We present a newly developed, comprehensive global dataset of earthquake-induced landslides including, where available, estimates of landslide-related fatalities corresponding to each earthquake. The relatively simple empirical fatality model shows a significant positive correlation between predicted and observed fatalities, but with very high variability in fatality rates for similar exposure levels. Our analysis provides preliminary evidence indicating that a significant component of the variability results from varying vulnerability to landslide impact as a function of the level of development in the epicentral area. The remaining variability suggests that other factors should be used to improve this estimate. These could include type of landslide, climate, time of day of the earthquake, landslide density per unit area, and the effect of urbanization on population exposure. Ideally, future models including estimates of these factors could be tested to improve the fit to the data.

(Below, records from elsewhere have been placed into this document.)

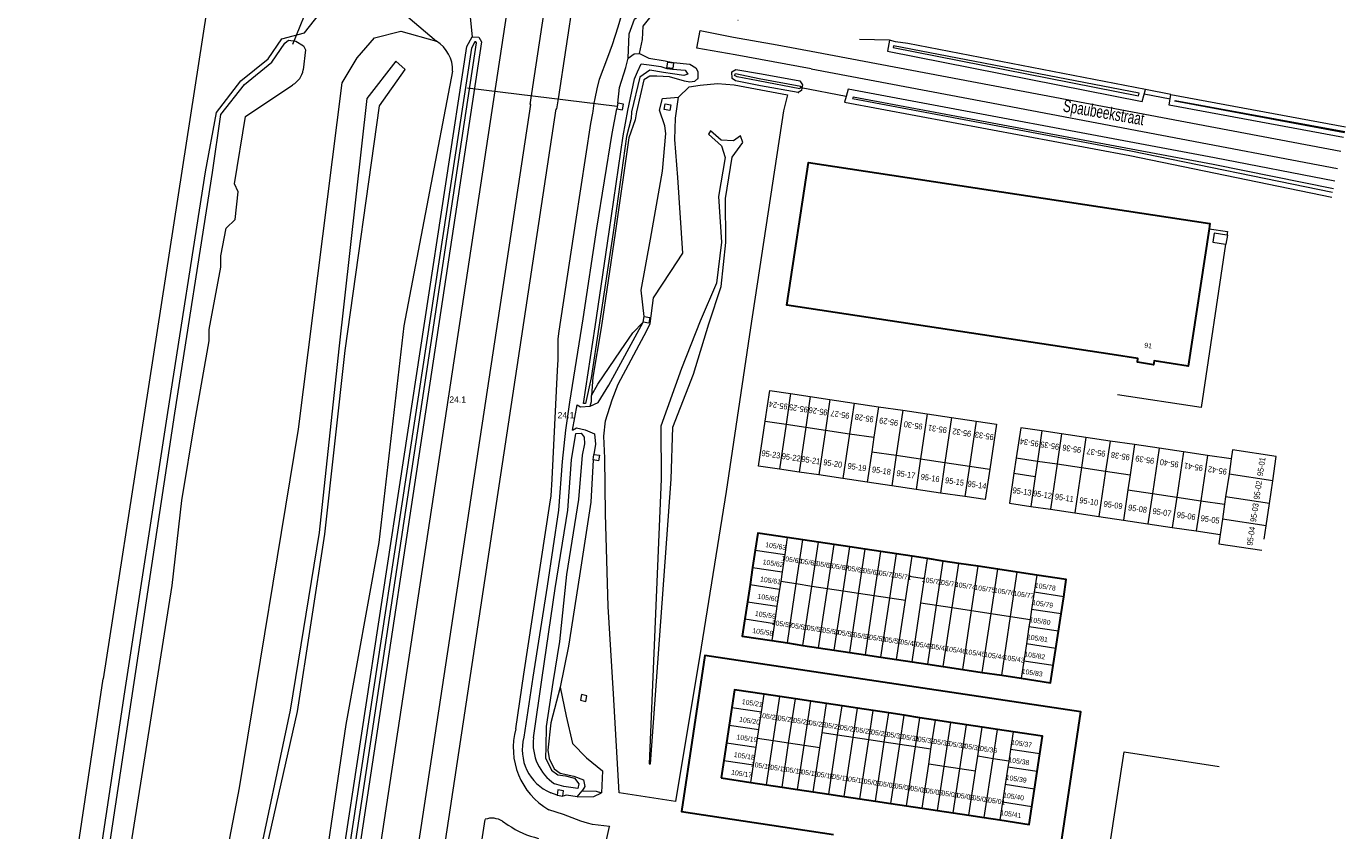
# Model space of a CAD drawing. Header units: metres. Extents: x 120324 to 133000, y 395500 to 402438.
# Tile 39 of 95: x 126138 to 126405, y 399100 to 399263. Entities that reach past the tile are written whole.
import ezdxf

# ---------------------------------------------------------------- set-up
doc = ezdxf.new("R2010")
doc.units = ezdxf.units.M
doc.linetypes.add('DGN1', pattern=[76.057638, 0, -76.057638])
doc.linetypes.add('DGN2', pattern=[101.410184, 50.705092, -50.705092])
for name, color, linetype, lineweight, true_color in [('gg-afsc-erfafscheiding', 7, 'Continuous', 0, 0x00ff32), ('gg-afsc-hekwerk', 7, 'Continuous', 30, 0x00d228), ('gg-bbg-lage trafo', 7, 'Continuous', 13, 0xff5000), ('gg-bbg-tussenscheiding', 7, 'Continuous', 0, 0x967800), ('gg-knt-BGT kruinlijn', 7, 'Continuous', 0, 0x787878), ('gg-knt-bronhoudergrens', 7, 'DGN2', 0, 0xffaad2), ('gg-kntw-bovenkant insteek waterloop', 7, 'Continuous', 0, 0xa0a0ff), ('gg-kntw-waterlijn', 7, 'Continuous', 0, 0xaaebff), ('gg-kwrk-duiker nz buis', 7, 'DGN2', 0, 0x969696), ('gg-kwrk-uitstroombak niveau min 01', 7, 'Continuous', 0, 0x477c96), ('gx-grn-maaiveld', 7, 'Continuous', 0, 0xb88d57)]:
    doc.layers.add(name, color=color, linetype=linetype, lineweight=lineweight, true_color=true_color)
for name, color, linetype, lineweight in [('gg-anno-huisnummerreeks BGT', 7, 'Continuous', 13), ('gg-anno-openbare ruimte label', 7, 'Continuous', 13), ('gg-bbg-hoofdgebouw', 1, 'Continuous', 30), ('gg-bbg-luifel en loopbrug', 1, 'DGN2', 0), ('gg-knt-bovenkant onderkant talud', 7, 'Continuous', 0), ('gg-knt-verharding', 7, 'Continuous', 0), ('gt-anno-nummer hm paal', 7, 'Continuous', 0), ('gt-anno-plantopografie huisnummer', 6, 'Continuous', 0), ('gt-bbg-plantopografie pand', 6, 'Continuous', 0), ('gt-bbg-plantopografie tussenscheiding', 6, 'Continuous', 0), ('gt-grn-vlakafsluiter', 6, 'DGN1', 0)]:
    doc.layers.add(name, color=color, linetype=linetype, lineweight=lineweight)
doc.styles.add('StyleArial', font='arial.ttf')

msp = doc.modelspace()

# ---------------------------------------------------------------- linework, layer by layer
at = {"layer": 'gg-afsc-erfafscheiding', "flags": 128}
msp.add_lwpolyline([(126189.11, 399273.15), (126190.4, 399272.94), (126193.04, 399271.87), (126196.52, 399271.15), (126199.24, 399271.54), (126227.43, 399266.94), (126228.04, 399260.95)], dxfattribs=at)
at = {"layer": 'gg-afsc-hekwerk', "flags": 128}
msp.add_lwpolyline([(126346.97, 399092.16), (126351.7, 399123.94), (126275.32, 399135.43), (126270.6, 399103.77), (126301.47, 399099.07)], dxfattribs=at)
at = {"layer": 'gg-bbg-hoofdgebouw'}
for p, q in [((126295.25, 399158.87), (126292.08, 399159.34)), ((126298.41, 399158.39), (126295.25, 399158.87)), ((126301.58, 399157.91), (126298.41, 399158.39)), ((126285.56, 399156.76), (126285.04, 399153.27)), ((126304.75, 399157.43), (126301.58, 399157.91)), ((126307.91, 399156.96), (126304.75, 399157.43)), ((126311.08, 399156.48), (126307.91, 399156.96)), ((126314.25, 399156), (126311.08, 399156.48)), ((126317.41, 399155.53), (126314.25, 399156)), ((126320.58, 399155.05), (126317.41, 399155.53)), ((126285.04, 399153.27), (126284.51, 399149.78)), ((126323.75, 399154.57), (126320.58, 399155.05)), ((126326.91, 399154.09), (126323.75, 399154.57)), ((126330.87, 399153.5), (126326.91, 399154.09)), ((126334.83, 399152.9), (126330.87, 399153.5)), ((126338.79, 399152.3), (126334.83, 399152.9)), ((126342.75, 399151.71), (126338.79, 399152.3)), ((126284.51, 399149.78), (126283.98, 399146.29)), ((126283.98, 399146.29), (126283.46, 399142.81)), ((126347.68, 399143.83), (126348.21, 399147.32)), ((126347.15, 399140.34), (126347.68, 399143.83)), ((126346.62, 399136.85), (126347.15, 399140.34)), ((126288.93, 399138.41), (126292.09, 399137.94)), ((126292.09, 399137.94), (126295.26, 399137.46)), ((126295.26, 399137.46), (126298.43, 399136.98)), ((126298.43, 399136.98), (126301.59, 399136.51)), ((126346.09, 399133.37), (126346.62, 399136.85)), ((126301.59, 399136.51), (126304.76, 399136.03)), ((126304.76, 399136.03), (126307.93, 399135.55)), ((126307.93, 399135.55), (126311.09, 399135.07)), ((126311.09, 399135.07), (126314.26, 399134.6)), ((126314.26, 399134.6), (126317.43, 399134.12)), ((126317.43, 399134.12), (126320.59, 399133.64)), ((126320.59, 399133.64), (126323.76, 399133.16)), ((126323.76, 399133.16), (126327.71, 399132.57)), ((126327.71, 399132.57), (126331.67, 399131.97)), ((126331.67, 399131.97), (126335.62, 399131.38)), ((126335.62, 399131.38), (126339.57, 399130.78)), ((126290.55, 399127.06), (126287.39, 399127.53)), ((126293.71, 399126.58), (126290.55, 399127.06)), ((126296.87, 399126.11), (126293.71, 399126.58)), ((126300.03, 399125.63), (126296.87, 399126.11)), ((126280.79, 399124.86), (126280.25, 399121.28)), ((126303.19, 399125.16), (126300.03, 399125.63)), ((126306.35, 399124.68), (126303.19, 399125.16)), ((126309.51, 399124.21), (126306.35, 399124.68)), ((126312.68, 399123.73), (126309.51, 399124.21)), ((126315.84, 399123.26), (126312.68, 399123.73)), ((126319, 399122.78), (126315.84, 399123.26)), ((126280.25, 399121.28), (126279.71, 399117.7)), ((126322.16, 399122.3), (126319, 399122.78)), ((126325.32, 399121.83), (126322.16, 399122.3)), ((126328.48, 399121.35), (126325.32, 399121.83)), ((126331.64, 399120.88), (126328.48, 399121.35)), ((126334.8, 399120.4), (126331.64, 399120.88)), ((126337.96, 399119.93), (126334.8, 399120.4)), ((126279.71, 399117.7), (126279.16, 399114.12)), ((126342.85, 399111.87), (126343.39, 399115.45)), ((126279.16, 399114.12), (126278.62, 399110.54)), ((126278.62, 399110.54), (126284.68, 399109.63)), ((126342.31, 399108.29), (126342.85, 399111.87)), ((126284.68, 399109.63), (126287.84, 399109.16)), ((126287.84, 399109.16), (126291, 399108.68)), ((126291, 399108.68), (126294.16, 399108.21)), ((126294.16, 399108.21), (126297.32, 399107.73)), ((126297.32, 399107.73), (126300.48, 399107.25)), ((126300.48, 399107.25), (126303.64, 399106.78)), ((126341.76, 399104.71), (126342.31, 399108.29)), ((126303.64, 399106.78), (126306.8, 399106.3)), ((126306.8, 399106.3), (126309.97, 399105.83)), ((126309.97, 399105.83), (126313.13, 399105.35)), ((126313.13, 399105.35), (126316.29, 399104.88)), ((126316.29, 399104.88), (126319.45, 399104.4)), ((126319.45, 399104.4), (126322.61, 399103.93)), ((126322.61, 399103.93), (126325.77, 399103.45)), ((126325.77, 399103.45), (126328.93, 399102.97)), ((126328.93, 399102.97), (126332.09, 399102.5)), ((126332.09, 399102.5), (126335.25, 399102.03))]:
    msp.add_line(p, q, dxfattribs=at)
at = {"layer": 'gg-bbg-hoofdgebouw', "flags": 128}
for points in [[(126358.04, 399196.48), (126291.96, 399206.47), (126296.37, 399235.46), (126377.9, 399223.09), (126377.74, 399221.98)], [(126377.74, 399221.98), (126373.52, 399194.13), (126366.61, 399195.19), (126366.48, 399194.4), (126363.18, 399194.89), (126363.3, 399195.68), (126358.04, 399196.48)], [(126292.08, 399159.34), (126286.09, 399160.25), (126285.56, 399156.76)], [(126348.21, 399147.32), (126348.74, 399150.8), (126342.75, 399151.71)], [(126283.46, 399142.81), (126282.93, 399139.32), (126288.93, 399138.41)], [(126339.57, 399130.78), (126345.56, 399129.88), (126346.09, 399133.37)], [(126287.39, 399127.53), (126281.33, 399128.44), (126280.79, 399124.86)], [(126343.39, 399115.45), (126343.93, 399119.03), (126337.96, 399119.93)], [(126335.25, 399102.03), (126341.22, 399101.13), (126341.76, 399104.71)]]:
    msp.add_lwpolyline(points, dxfattribs=at)
at = {"layer": 'gg-bbg-lage trafo', "flags": 128}
msp.add_lwpolyline([(126381.11, 399218.87), (126381.24, 399218.85), (126381.52, 399220.7), (126381.38, 399220.72)], dxfattribs=at)
at = {"layer": 'gg-bbg-luifel en loopbrug', "flags": 128}
for points in [[(126377.74, 399221.98), (126381.49, 399221.41), (126381.38, 399220.72)], [(126381.38, 399220.72), (126378.76, 399221.1), (126378.48, 399219.26), (126381.11, 399218.87)], [(126381.11, 399218.87), (126376.14, 399185.73), (126356.85, 399188.65), (126358.04, 399196.48)]]:
    msp.add_lwpolyline(points, dxfattribs=at)
at = {"layer": 'gg-bbg-tussenscheiding'}
for p, q in [((126292.08, 399159.34), (126291.55, 399155.86)), ((126293.9, 399149.91), (126295.25, 399158.87)), ((126297.06, 399149.43), (126298.41, 399158.39)), ((126285.56, 399156.76), (126291.55, 399155.86)), ((126291.55, 399155.86), (126291.03, 399152.37)), ((126300.23, 399148.95), (126301.58, 399157.91)), ((126303.4, 399148.47), (126304.75, 399157.43)), ((126306.56, 399147.99), (126307.91, 399156.96)), ((126309.73, 399147.52), (126311.08, 399156.48)), ((126312.9, 399147.03), (126314.25, 399156)), ((126316.81, 399151.49), (126317.41, 399155.53)), ((126285.04, 399153.27), (126291.03, 399152.37)), ((126319.97, 399151.01), (126320.58, 399155.05)), ((126322.4, 399145.59), (126323.75, 399154.57)), ((126325.56, 399145.11), (126326.91, 399154.09)), ((126329.52, 399144.52), (126330.87, 399153.5)), ((126333.47, 399143.92), (126334.83, 399152.9)), ((126290.73, 399150.39), (126290.5, 399148.88)), ((126291.03, 399152.37), (126290.73, 399150.39)), ((126293.9, 399149.91), (126290.73, 399150.39)), ((126316.06, 399146.55), (126316.81, 399151.49)), ((126316.81, 399151.49), (126319.97, 399151.01)), ((126319.23, 399146.08), (126319.97, 399151.01)), ((126337.43, 399143.32), (126338.79, 399152.3)), ((126342.75, 399151.71), (126342.22, 399148.22)), ((126284.51, 399149.78), (126290.5, 399148.88)), ((126290.5, 399148.88), (126289.98, 399145.39)), ((126292.09, 399137.94), (126293.9, 399149.91)), ((126297.06, 399149.43), (126293.9, 399149.91)), ((126295.26, 399137.46), (126297.06, 399149.43)), ((126300.23, 399148.95), (126297.06, 399149.43)), ((126298.43, 399136.98), (126300.23, 399148.95)), ((126303.4, 399148.47), (126300.23, 399148.95)), ((126301.59, 399136.51), (126303.4, 399148.47)), ((126306.56, 399147.99), (126303.4, 399148.47)), ((126304.76, 399136.03), (126306.56, 399147.99)), ((126309.73, 399147.52), (126306.56, 399147.99)), ((126307.93, 399135.55), (126309.73, 399147.52)), ((126312.9, 399147.03), (126309.73, 399147.52)), ((126342.22, 399148.22), (126341.69, 399144.73)), ((126348.21, 399147.32), (126342.22, 399148.22)), ((126283.98, 399146.29), (126289.98, 399145.39)), ((126289.98, 399145.39), (126289.45, 399141.9)), ((126311.09, 399135.07), (126312.9, 399147.03)), ((126316.06, 399146.55), (126312.9, 399147.03)), ((126314.26, 399134.6), (126316.06, 399146.55)), ((126317.43, 399134.12), (126319.23, 399146.08)), ((126319.23, 399146.08), (126322.4, 399145.59)), ((126320.59, 399133.64), (126322.4, 399145.59)), ((126322.4, 399145.59), (126325.56, 399145.11)), ((126323.76, 399133.16), (126325.56, 399145.11)), ((126325.56, 399145.11), (126329.52, 399144.52)), ((126341.69, 399144.73), (126341.39, 399142.72)), ((126347.68, 399143.83), (126341.69, 399144.73)), ((126283.46, 399142.81), (126289.45, 399141.9)), ((126327.71, 399132.57), (126329.52, 399144.52)), ((126329.52, 399144.52), (126333.47, 399143.92)), ((126331.67, 399131.97), (126333.47, 399143.92)), ((126333.47, 399143.92), (126337.43, 399143.32)), ((126335.62, 399131.38), (126337.43, 399143.32)), ((126337.43, 399143.32), (126341.39, 399142.72)), ((126341.39, 399142.72), (126341.16, 399141.24)), ((126289.45, 399141.9), (126288.93, 399138.41)), ((126341.16, 399141.24), (126340.63, 399137.76)), ((126347.15, 399140.34), (126341.16, 399141.24)), ((126340.63, 399137.76), (126340.1, 399134.27)), ((126346.62, 399136.85), (126340.63, 399137.76)), ((126340.1, 399134.27), (126339.57, 399130.78)), ((126346.09, 399133.37), (126340.1, 399134.27)), ((126286.85, 399123.95), (126287.39, 399127.53)), ((126289.19, 399118.1), (126290.55, 399127.06)), ((126292.35, 399117.63), (126293.71, 399126.58)), ((126295.52, 399117.16), (126296.87, 399126.11)), ((126280.79, 399124.86), (126286.85, 399123.95)), ((126286.3, 399120.37), (126286.85, 399123.95)), ((126299.13, 399119.69), (126300.03, 399125.63)), ((126302.29, 399119.22), (126303.19, 399125.16)), ((126305.45, 399118.74), (126306.35, 399124.68)), ((126308.62, 399118.27), (126309.51, 399124.21)), ((126311.78, 399117.79), (126312.68, 399123.73)), ((126314.94, 399117.32), (126315.84, 399123.26)), ((126280.25, 399121.28), (126286.3, 399120.37)), ((126318.1, 399116.84), (126319, 399122.78)), ((126321.26, 399116.36), (126322.16, 399122.3)), ((126323.96, 399112.88), (126325.32, 399121.83)), ((126327.12, 399112.4), (126328.48, 399121.35)), ((126330.74, 399114.94), (126331.64, 399120.88)), ((126285.76, 399116.79), (126286.03, 399118.58)), ((126286.03, 399118.58), (126286.3, 399120.37)), ((126289.19, 399118.1), (126286.03, 399118.58)), ((126287.84, 399109.16), (126289.19, 399118.1)), ((126292.35, 399117.63), (126289.19, 399118.1)), ((126298.68, 399116.68), (126299.13, 399119.69)), ((126302.29, 399119.22), (126299.13, 399119.69)), ((126300.48, 399107.25), (126302.29, 399119.22)), ((126305.45, 399118.74), (126302.29, 399119.22)), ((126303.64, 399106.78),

These estimates of potential landslide fatalities can also be used together with scenario earthquakes described here to understand the potential for landsliding in an area prior to the occurrence of a large earthquake. Further investigation using scenario earthquakes could apply this method to different case study areas and investigate the impact of source location, depth, source faulting, and magnitude on landslide occurrence to provide a more robust understanding of potential for landsliding.

Together, these products provide a basis for a more comprehensive understanding of potential landslide impacts, whether estimated prior to or after a large earthquake occurs. The results can be used, with further development, by vulnerable communities to improve land use planning, structural design, and emergency response in landslide-prone areas. This analysis of earthquake-triggered landslides has the capacity to significantly expand the breadth and impact of the USGS’ near real-time shaking and damage assessment tools including the ShakeMap, PAGER, and ShakeCast systems. A system similar to ShakeCast (Wald et al. 2008b) could be developed to overlay predicted landslide probabilities with locations of key infrastructure. This would identify roads, bridges, and buildings that are at high risk of landslide exposure. In the future, this type of analysis could provide information critical to responders, emergency planning officials, and residents of earthquake-affected areas in responding to an emerging natural disaster. Furthermore, the same suite of tools can offer an opportunity to study the anticipated secondary effects of future earthquakes, and thus contribute effectively to disaster risk reduction efforts.

Conclusions

We present a newly developed, comprehensive global dataset of earthquake-induced landslides including, where available, estimates of landslide-related fatalities corresponding to each earthquake. We used the dataset to train an empirical fatality model using a linear regression between probabilistic landslide exposures and fatality counts based on past earthquake-induced landslide events. We observe a significant positive correlation between predicted and observed fatalities, but with very high variability in fatality rates for similar exposure levels. The remaining variability suggests that other factors should be used to improve this estimate, such as type of landslide, climate, time of day of the earthquake, landslide density per unit area, and the effect of urbanization on population. Ideally, future models including estimates of these factors could be tested to improve the fit to the data. Together, these products provide a basis for a more comprehensive understanding of potential landslide impacts, whether estimated prior to or after a large earthquake occurs. The results could be used, with further development, by vulnerable communities to improve land use planning, structural design, and emergency response in landslide-prone areas.